Bu anlattıklarım maalesef
olduğu kişinin son hali.
Normaldi hayatı. Sizler de şahitsiniz,
öğrendiniz. Bir gün koydu başını yastığa, yorulmuştu gündüzden, daldı gitti.
Her şeyi biriktirdi kafasının bir köşesinde.
Köşeye sığmadı tüm atıkları, pekmez gibi aktı kenarlarına beyninin.
Sabahına sarktı rüyaları. Rüyayı hayra yoran bir insan olmadığından haftalarca
rüyayla gezdi.

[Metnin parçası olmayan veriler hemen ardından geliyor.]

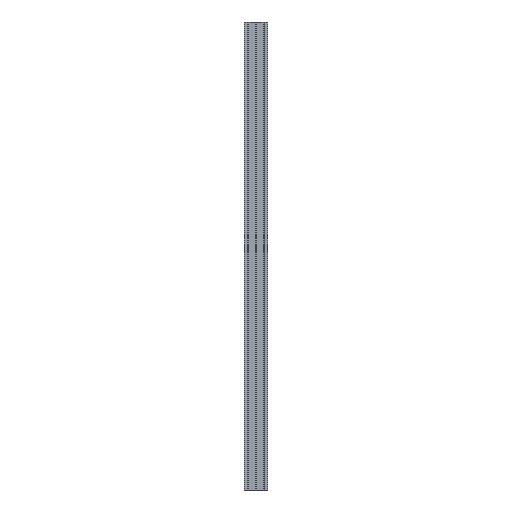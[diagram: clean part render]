
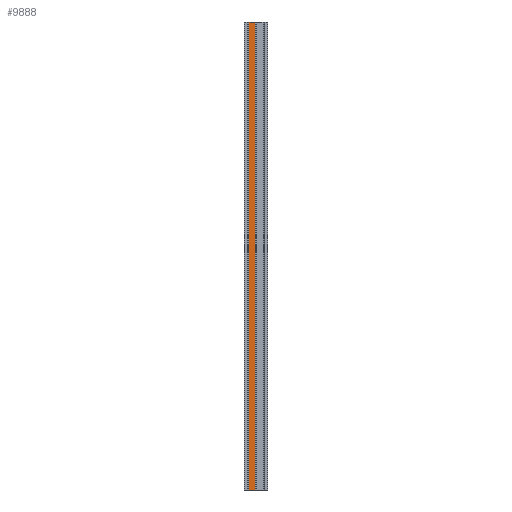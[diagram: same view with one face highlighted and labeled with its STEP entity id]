
A CAD part, front view. The second image highlights one B-rep face of the part: STEP entity #9888.
In plain terms, the highlighted planar face has unit normal (0, -1, 0).
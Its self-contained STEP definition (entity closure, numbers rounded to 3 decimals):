
#80 = ORIENTED_EDGE ( 'NONE', *, *, #5573, .T. ) ;
#81 = ORIENTED_EDGE ( 'NONE', *, *, #5883, .F. ) ;
#82 = ORIENTED_EDGE ( 'NONE', *, *, #6413, .F. ) ;
#83 = ORIENTED_EDGE ( 'NONE', *, *, #5880, .T. ) ;
#1212 = CARTESIAN_POINT ( 'NONE',  ( -45.15, -32.5, 1500. ) ) ;
#1213 = DIRECTION ( 'NONE',  ( 0., 0., -1. ) ) ;
#1214 = CARTESIAN_POINT ( 'NONE',  ( -4.85, -32.5, 1500. ) ) ;
#1215 = DIRECTION ( 'NONE',  ( 0., 0., -1. ) ) ;
#1410 = VECTOR ( 'NONE', #6265, 1000. ) ;
#1478 = LINE ( 'NONE', #6263, #1410 ) ;
#2061 = LINE ( 'NONE', #1212, #2064 ) ;
#2063 = LINE ( 'NONE', #1214, #2066 ) ;
#2064 = VECTOR ( 'NONE', #1213, 1000. ) ;
#2066 = VECTOR ( 'NONE', #1215, 1000. ) ;
#3231 = AXIS2_PLACEMENT_3D ( 'NONE', #8656, #8665, #8666 ) ;
#3664 = VECTOR ( 'NONE', #10385, 1000. ) ;
#3669 = LINE ( 'NONE', #10380, #3664 ) ;
#4708 = FACE_OUTER_BOUND ( 'NONE', #8009, .T. ) ;
#5573 = EDGE_CURVE ( 'NONE', #7196, #7197, #3669, .T. ) ;
#5880 = EDGE_CURVE ( 'NONE', #7464, #7196, #2061, .T. ) ;
#5883 = EDGE_CURVE ( 'NONE', #7463, #7197, #2063, .T. ) ;
#6263 = CARTESIAN_POINT ( 'NONE',  ( -4.85, -32.5, 1500. ) ) ;
#6265 = DIRECTION ( 'NONE',  ( 1., 0., 0. ) ) ;
#6413 = EDGE_CURVE ( 'NONE', #7464, #7463, #1478, .T. ) ;
#7196 = VERTEX_POINT ( 'NONE', #9273 ) ;
#7197 = VERTEX_POINT ( 'NONE', #9274 ) ;
#7463 = VERTEX_POINT ( 'NONE', #8964 ) ;
#7464 = VERTEX_POINT ( 'NONE', #8965 ) ;
#8009 = EDGE_LOOP ( 'NONE', ( #80, #81, #82, #83 ) ) ;
#8656 = CARTESIAN_POINT ( 'NONE',  ( -4.85, -32.5, 1500. ) ) ;
#8663 = PLANE ( 'NONE',  #3231 ) ;
#8665 = DIRECTION ( 'NONE',  ( 0., 1., 0. ) ) ;
#8666 = DIRECTION ( 'NONE',  ( -1., 0., 0. ) ) ;
#8964 = CARTESIAN_POINT ( 'NONE',  ( -4.85, -32.5, 1500. ) ) ;
#8965 = CARTESIAN_POINT ( 'NONE',  ( -45.15, -32.5, 1500. ) ) ;
#9273 = CARTESIAN_POINT ( 'NONE',  ( -45.15, -32.5, -1500. ) ) ;
#9274 = CARTESIAN_POINT ( 'NONE',  ( -4.85, -32.5, -1500. ) ) ;
#9888 = ADVANCED_FACE ( 'NONE', ( #4708 ), #8663, .F. ) ;
#10380 = CARTESIAN_POINT ( 'NONE',  ( -4.85, -32.5, -1500. ) ) ;
#10385 = DIRECTION ( 'NONE',  ( 1., 0., 0. ) ) ;

Hayatını değiştirmeye de bu süre içerisinde karar verdi. O zaman
çok güldüm aklına. Beyefendi hayat içerisinde kurduğu tüm bağları tek tek
kopardı. Her şey onun için bu kadar basitti.
Neler yaşamış, ne basiti demeyin. Aklının içini bir ben bilirim.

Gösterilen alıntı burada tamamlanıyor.